─── Dataset extract ───

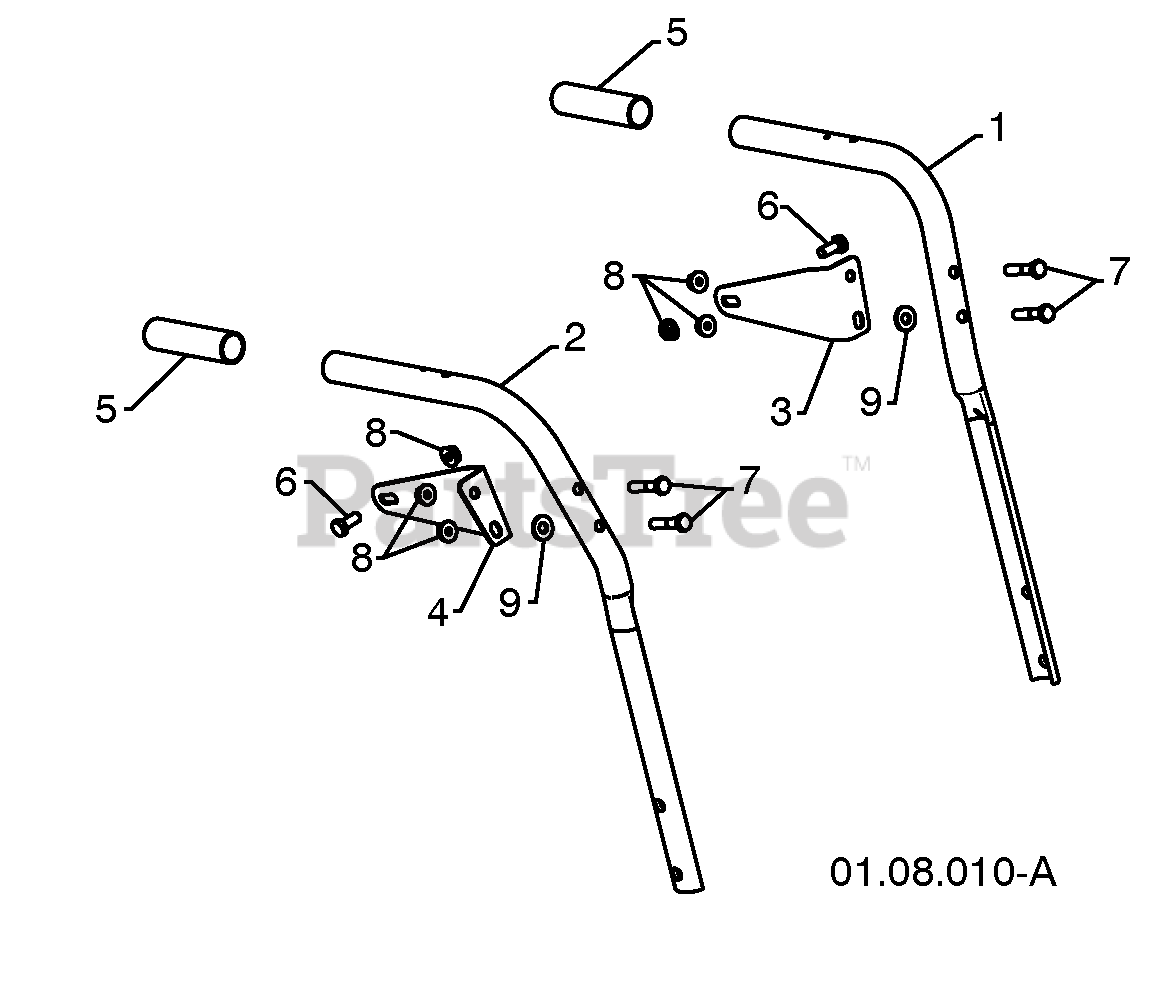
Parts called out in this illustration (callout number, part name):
1	PLOW HANDLE LH
2	PLOW HANDLE RH
3	PANEL BRACKET LH
4	PANEL BRACKET RH
5	HANDLE GRIP
6	SCREW 5/16-18 X .750
7	SCREW 5/16-18 X 1.50
8	NUT 5/16-18
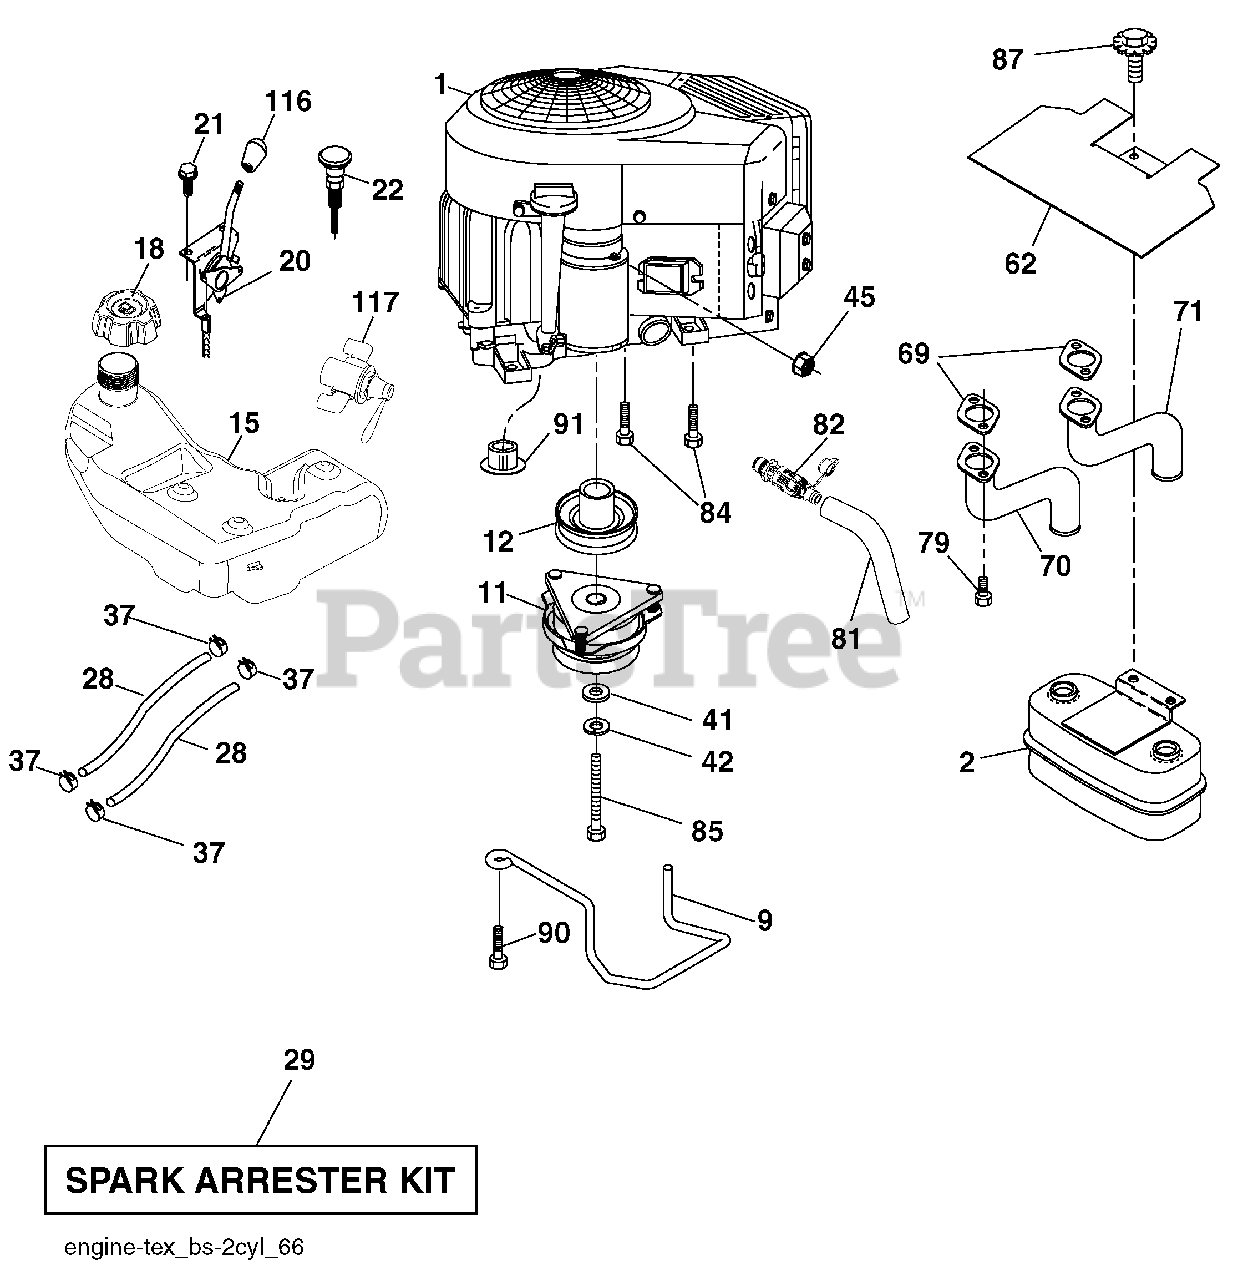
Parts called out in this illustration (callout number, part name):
9	Keeper Belt Engine
11	Clutch Electric
12	Pulley Engine
18	Cap Asm
20	Control Throttle
21	Screw #10 x .750 BOS Thread
22	Control Choke Ergo
28	Fuel Line
29	Spark Arrester Kit
37	Clamp Hose
41	Washer 1-1/2 OD x 15/32 ID x .250
42	Washer Lock 7/16
45	Nut Keps Hex 1/4-20 unc
62	Heat Shield
70	Exhaust Tube LH
71	Exhaust Tube RH
81	Tube Drain Oil Easy
82	Valve Oil Drain
84	Screw 3/8-16 x 1-1/4
85	Bolt Hex 7/16-20 x 4 x Gr. 5-1.5 Thr
87	Bolt 5/16-18 unc x 3/4 w/Sems
90	Screw 3/8-16 x 1
91	Bushing 1.375 OD
116	Knob Soft Touch
117	Valve Fuel Reserve

───

### Exercise description
Each line of the material that has the word "Engine" belongs in the answer.

### Solution below
9	Keeper Belt Engine
12	Pulley Engine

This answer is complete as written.